Among the entries below, find the lines that hold the word "polyline" and report them.

* EXTRACTED RECORDS:
*** Block opens ***
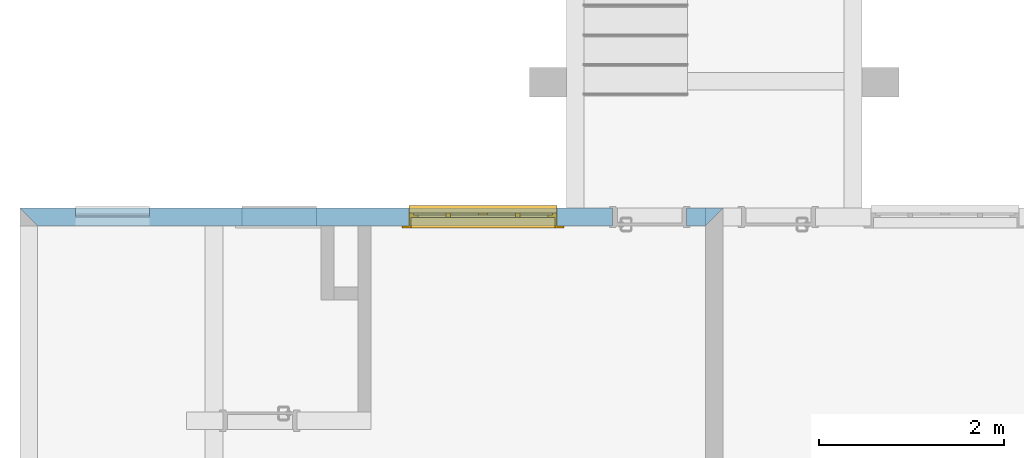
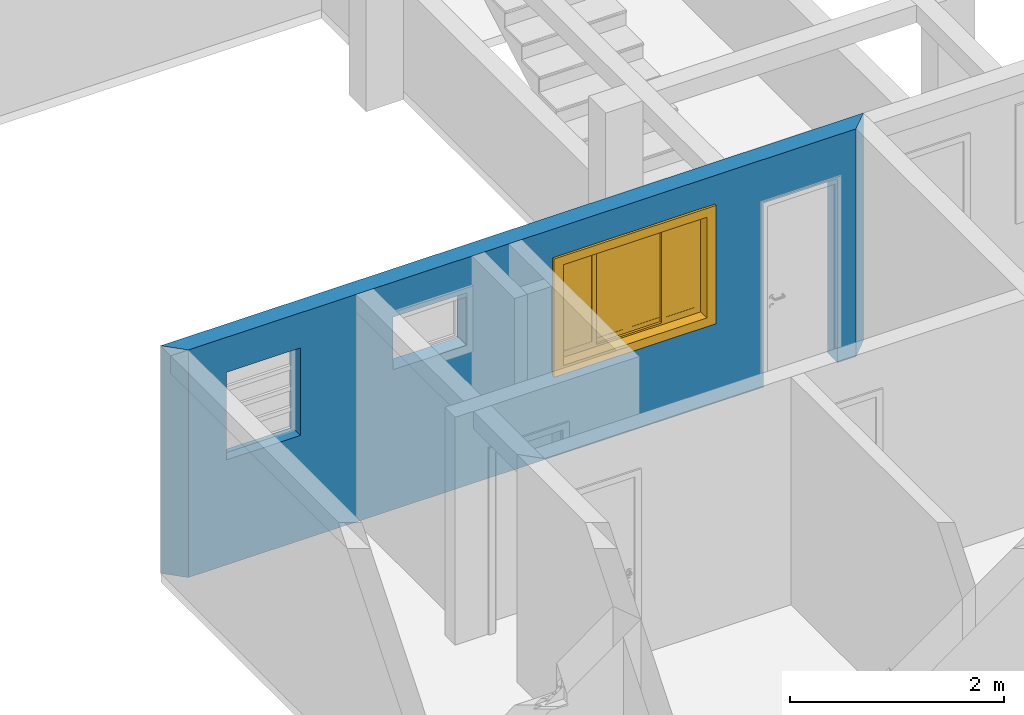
# One storey, part 12 of 47: 1 wall, 1 window, 4 openings.
"""IFC2X3 building model written with IfcOpenShell, lengths in millimetres."""

from ifc_helpers import new_model, entity, si_unit, converted_unit, derived_unit, money_unit, direction, frame, origin_with_axes, origin_2d_with_axis, place, context, subcontext, project, spatial, polyline, rectangle, outline, extrude, open_shell, faceted_brep, surface_model, source, transform, mapped, material, layer, layer_set, layer_usage, type_object, element, fill, save


model = new_model("IFC2X3")

# Units and contexts
model_context = context("Model", 3, precision=0.01, world=origin_with_axes(), true_north=direction((0.0, 1.0)))
body_context = subcontext(model_context, "Body", "Model", "MODEL_VIEW")
ifc_project = project(units=[si_unit("LENGTHUNIT", "METRE", prefix="MILLI"), si_unit("AREAUNIT", "SQUARE_METRE"), si_unit("VOLUMEUNIT", "CUBIC_METRE"), converted_unit("PLANEANGLEUNIT", "DEGREE", entity("IfcPlaneAngleMeasure", 0.0174532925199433), si_unit("PLANEANGLEUNIT", "RADIAN"), dimensions=[0, 0, 0, 0, 0, 0, 0]), money_unit("USD"), converted_unit("TIMEUNIT", "Year", entity("IfcTimeMeasure", 31557600.0), si_unit("TIMEUNIT", "SECOND"), dimensions=[0, 0, 1, 0, 0, 0, 0]), si_unit("MASSUNIT", "GRAM", prefix="KILO"), si_unit("THERMODYNAMICTEMPERATUREUNIT", "DEGREE_CELSIUS"), si_unit("LUMINOUSINTENSITYUNIT", "LUMEN"), si_unit("ENERGYUNIT", "JOULE", prefix="MEGA"), derived_unit("THERMALCONDUCTANCEUNIT", [(si_unit("POWERUNIT", "WATT"), 1), (si_unit("LENGTHUNIT", "METRE"), -1), (si_unit("THERMODYNAMICTEMPERATUREUNIT", "KELVIN"), -1)]), derived_unit("SPECIFICHEATCAPACITYUNIT", [(si_unit("ENERGYUNIT", "JOULE"), 1), (si_unit("MASSUNIT", "GRAM", prefix="KILO"), -1), (si_unit("THERMODYNAMICTEMPERATUREUNIT", "KELVIN"), -1)]), derived_unit("MASSDENSITYUNIT", [(si_unit("MASSUNIT", "GRAM", prefix="KILO"), 1), (si_unit("VOLUMEUNIT", "CUBIC_METRE"), -1)])], contexts=[model_context])

# Site, building, storey
site_placement = place(None, origin_with_axes())
site = spatial("IfcSite", under=ifc_project, at=site_placement, Name="Local", CompositionType="ELEMENT")
building_placement = place(site_placement, origin_with_axes())
building = spatial("IfcBuilding", under=site, at=building_placement, Name="Construção", CompositionType="ELEMENT")
storey_placement = place(building_placement, origin_with_axes())
storey = spatial("IfcBuildingStorey", under=building, at=storey_placement, Name="Pavimento Tipo", CompositionType="ELEMENT", Elevation=0.0)

# Wall, openings, window
ifc_material = material(Name="Concreto - Estrutural")
ifc_layer = layer(ifc_material, 190.0, ventilated="UNKNOWN")
ifc_layer_set = layer_set([ifc_layer], Name="Concreto - Estrutural 190")
ifc_layer_usage = layer_usage(ifc_layer_set, "AXIS2", "NEGATIVE", 190.0)
wall_type = type_object("IfcWallType", Name="Concreto - Estrutural 190", PredefinedType="NOTDEFINED")
wall_placement = place(storey_placement, frame((852.5669975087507, 5186.981417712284, 0.0), z_axis=(0.0, 0.0, 1.0), x_axis=(-1.0, 0.0, 0.0)))
wall = element("IfcWallStandardCase", 1, at=wall_placement, inside=storey, type_object=wall_type, material=ifc_layer_usage, Name="Apartamento 3 - Parede-003", context=body_context, shape_type="SweptSolid", body=[
    extrude(outline(polyline([(-190.0000000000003, 0.0), (7399.999999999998, 0.0), (7209.999999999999, 190.0000000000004), (0.0, 190.0000000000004), (-190.0000000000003, 0.0)])), origin_with_axes(), (0.0, 0.0, 1.0), 2600.0),
])
opening_1_placement = place(wall_placement, frame((2400.0, 0.0, 1000.0), z_axis=(0.0, 0.0, 1.0), x_axis=(1.0, 0.0, 0.0)))
opening_1 = element("IfcOpeningElement", 2, at=opening_1_placement, cuts=wall, Name="Apartamento 3 - J01", context=body_context, shape_type="SweptSolid", body=[
    extrude(rectangle(XDim=1600.0, YDim=1200.0, at=origin_2d_with_axis()), frame((0.0, 50.00000000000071, 600.0000000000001), z_axis=(0.0, 1.0, 0.0), x_axis=(1.0, 0.0, 0.0)), (0.0, 0.0, 1.0), 330.0),
    extrude(rectangle(XDim=1600.0, YDim=1200.0, at=origin_2d_with_axis()), frame((0.0, 50.00000000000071, 600.0000000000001), z_axis=(0.0, -1.0, 0.0), x_axis=(1.0, 0.0, 0.0)), (0.0, 0.0, 1.0), 240.0),
    extrude(rectangle(XDim=1750.0, YDim=1350.0, at=origin_2d_with_axis()), frame((0.0, 190.0000000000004, 599.9999999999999), z_axis=(0.0, 1.0, 0.0), x_axis=(1.0, 0.0, 0.0)), (0.0, 0.0, 1.0), 240.0),
])
opening_2_placement = place(wall_placement, frame((4600.0, 0.0, 1600.0), z_axis=(0.0, 0.0, 1.0), x_axis=(1.0, 0.0, 0.0)))
element("IfcOpeningElement", 3, at=opening_2_placement, cuts=wall, Name="Apartamento 3 - J02", context=body_context, shape_type="SweptSolid", body=[
    extrude(rectangle(XDim=799.9999999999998, YDim=599.9999999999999, at=origin_2d_with_axis()), frame((0.0, 190.0000000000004, 299.9999999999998), z_axis=(0.0, -1.0, 0.0), x_axis=(-1.0, 0.0, 0.0)), (0.0, 0.0, 1.0), 570.0000000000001),
    extrude(rectangle(XDim=799.9999999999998, YDim=30.00000000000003, at=origin_2d_with_axis()), frame((0.0, 35.00000000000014, -15.00000000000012), z_axis=(0.0, 1.0, 0.0), x_axis=(-1.0, 0.0, 0.0)), (0.0, 0.0, -1.0), 225.0),
    extrude(rectangle(XDim=949.9999999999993, YDim=750.0000000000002, at=origin_2d_with_axis()), frame((0.0, 190.0000000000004, 300.0000000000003), z_axis=(0.0, -1.0, 0.0), x_axis=(-1.0, 0.0, 0.0)), (0.0, 0.0, -1.0), 190.0),
])
opening_3_placement = place(wall_placement, frame((6399.999999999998, 0.0, 1200.0), z_axis=(0.0, 0.0, 1.0), x_axis=(1.0, 0.0, 0.0)))
element("IfcOpeningElement", 4, at=opening_3_placement, cuts=wall, Name="Apartamento 3 - J03", context=body_context, shape_type="SweptSolid", body=[
    extrude(rectangle(XDim=800.0000000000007, YDim=999.9999999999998, at=origin_2d_with_axis()), frame((0.0, 50.00000000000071, 500.0), z_axis=(0.0, -1.0, 0.0), x_axis=(-1.0, 0.0, 0.0)), (0.0, 0.0, -1.0), 330.0),
    extrude(rectangle(XDim=800.0000000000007, YDim=999.9999999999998, at=origin_2d_with_axis()), frame((0.0, 50.00000000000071, 500.0), z_axis=(0.0, 1.0, 0.0), x_axis=(-1.0, 0.0, 0.0)), (0.0, 0.0, -1.0), 240.0),
    extrude(rectangle(XDim=800.0000000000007, YDim=30.00000000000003, at=origin_2d_with_axis()), frame((0.0, 85.00000000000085, -15.00000000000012), z_axis=(0.0, 1.0, 0.0), x_axis=(-1.0, 0.0, 0.0)), (0.0, 0.0, -1.0), 225.0),
])
opening_4_placement = place(wall_placement, frame((600.0000000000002, 0.0, 0.0), z_axis=(0.0, 0.0, 1.0), x_axis=(1.0, 0.0, 0.0)))
element("IfcOpeningElement", 5, at=opening_4_placement, cuts=wall, Name="Apartamento 3 - P01", context=body_context, shape_type="SweptSolid", body=[
    extrude(rectangle(XDim=800.0, YDim=2100.0, at=origin_2d_with_axis()), frame((0.0, 190.0000000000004, 1050.0), z_axis=(0.0, 1.0, 0.0), x_axis=(-1.0, 0.0, 0.0)), (0.0, 0.0, -1.0), 570.0000000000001),
    extrude(rectangle(XDim=870.0000000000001, YDim=2135.0, at=origin_2d_with_axis()), frame((0.0, 190.0000000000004, 1067.5), z_axis=(0.0, 1.0, 0.0), x_axis=(-1.0, 0.0, 0.0)), (0.0, 0.0, 1.0), 190.0),
    extrude(rectangle(XDim=870.0000000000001, YDim=2135.0, at=origin_2d_with_axis()), frame((0.0, 0.0, 1067.5), z_axis=(0.0, -1.0, 0.0), x_axis=(-1.0, 0.0, 0.0)), (0.0, 0.0, 1.0), 190.0),
])
window_style = type_object("IfcWindowStyle", Name="Janela de Correr 4-Folhas 27", ConstructionType="NOTDEFINED", OperationType="USERDEFINED", ParameterTakesPrecedence=False, Sizeable=False)
shared_shape = source(origin_with_axes(), body_context, "Body", "SurfaceModel", [
    faceted_brep([(800.0, 0.0, 5.0), (800.0, 50.0, 5.000000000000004), (800.0, 50.0, 27.37961103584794), (800.0, 0.0, 30.0), (-800.0, 0.0, 5.0), (-800.0, 50.0, 5.000000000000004), (-800.0, 80.0, 5.000000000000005), (800.0, 80.0, 5.000000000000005), (800.0, 80.0, 25.8073776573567), (-800.0, 80.0, 25.8073776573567), (-800.0, 50.0, 27.37961103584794), (-800.0, 0.0, 30.0)], [[[0, 1, 2, 3]], [[0, 4, 5, 6, 7, 1]], [[1, 7, 8, 2]], [[3, 2, 8, 9, 10, 11]], [[4, 0, 3, 11]], [[5, 4, 11, 10]], [[6, 5, 10, 9]], [[7, 6, 9, 8]]]),
    faceted_brep([(800.0, 0.0, 0.0), (800.0, 50.0, 0.0), (800.0, 50.0, 5.0), (800.0, 0.0, 5.0), (-800.0, 0.0, 0.0), (-800.0, 50.0, 0.0), (-800.0, 50.0, 5.0), (-800.0, 0.0, 5.0)], [[[0, 1, 2, 3]], [[0, 4, 5, 1]], [[1, 5, 6, 2]], [[3, 2, 6, 7]], [[4, 0, 3, 7]], [[5, 4, 7, 6]]]),
    faceted_brep([(800.0, -50.0, 0.0), (800.0, -140.0, 0.0), (-800.0, -140.0, 0.0), (-800.0, -50.0, 0.0), (800.0, -50.00000000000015, 1200.0), (800.0, -140.0000000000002, 1200.0), (-800.0, -140.0000000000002, 1200.0), (775.0, -140.0, 24.99999999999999), (-775.0, -140.0, 24.99999999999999), (-775.0, -140.0000000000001, 1175.0), (775.0, -140.0000000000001, 1175.0), (-800.0, -50.00000000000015, 1200.0), (775.0, -50.0, 24.99999999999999), (775.0, -50.00000000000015, 1175.0), (-775.0, -50.00000000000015, 1175.0), (-775.0, -50.0, 24.99999999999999)], [[[0, 1, 2, 3]], [[4, 5, 1, 0]], [[1, 5, 6, 2], [7, 8, 9, 10]], [[3, 2, 6, 11]], [[0, 3, 11, 4], [12, 13, 14, 15]], [[11, 6, 5, 4]], [[15, 8, 7, 12]], [[14, 9, 8, 15]], [[13, 10, 9, 14]], [[12, 7, 10, 13]]]),
    faceted_brep([(875.0, -165.0, -75.00000000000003), (775.0, -165.0, 24.99999999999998), (775.0, -140.0, 24.99999999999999), (875.0, -140.0, -75.00000000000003), (875.0, -165.0000000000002, 1275.0), (775.0, -165.0000000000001, 1175.0), (775.0, -140.0000000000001, 1175.0), (875.0, -140.0000000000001, 1275.0)], [[[0, 1, 2, 3]], [[0, 4, 5, 1]], [[1, 5, 6, 2]], [[3, 2, 6, 7]], [[4, 0, 3, 7]], [[5, 4, 7, 6]]]),
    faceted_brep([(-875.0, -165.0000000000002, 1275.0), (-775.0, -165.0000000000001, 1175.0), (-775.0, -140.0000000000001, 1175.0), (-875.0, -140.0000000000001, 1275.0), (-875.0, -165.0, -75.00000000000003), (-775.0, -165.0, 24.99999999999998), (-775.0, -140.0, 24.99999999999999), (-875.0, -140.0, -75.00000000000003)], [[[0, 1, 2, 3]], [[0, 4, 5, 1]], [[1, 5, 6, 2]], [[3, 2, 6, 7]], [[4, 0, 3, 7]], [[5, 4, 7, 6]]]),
*** Block closes ***
* YOUR RESPONSE:
from ifc_helpers import new_model, entity, si_unit, converted_unit, derived_unit, money_unit, direction, frame, origin_with_axes, origin_2d_with_axis, place, context, subcontext, project, spatial, polyline, rectangle, outline, extrude, open_shell, faceted_brep, surface_model, source, transform, mapped, material, layer, layer_set, layer_usage, type_object, element, fill, save
    extrude(outline(polyline([(-190.0000000000003, 0.0), (7399.999999999998, 0.0), (7209.999999999999, 190.0000000000004), (0.0, 190.0000000000004), (-190.0000000000003, 0.0)])), origin_with_axes(), (0.0, 0.0, 1.0), 2600.0),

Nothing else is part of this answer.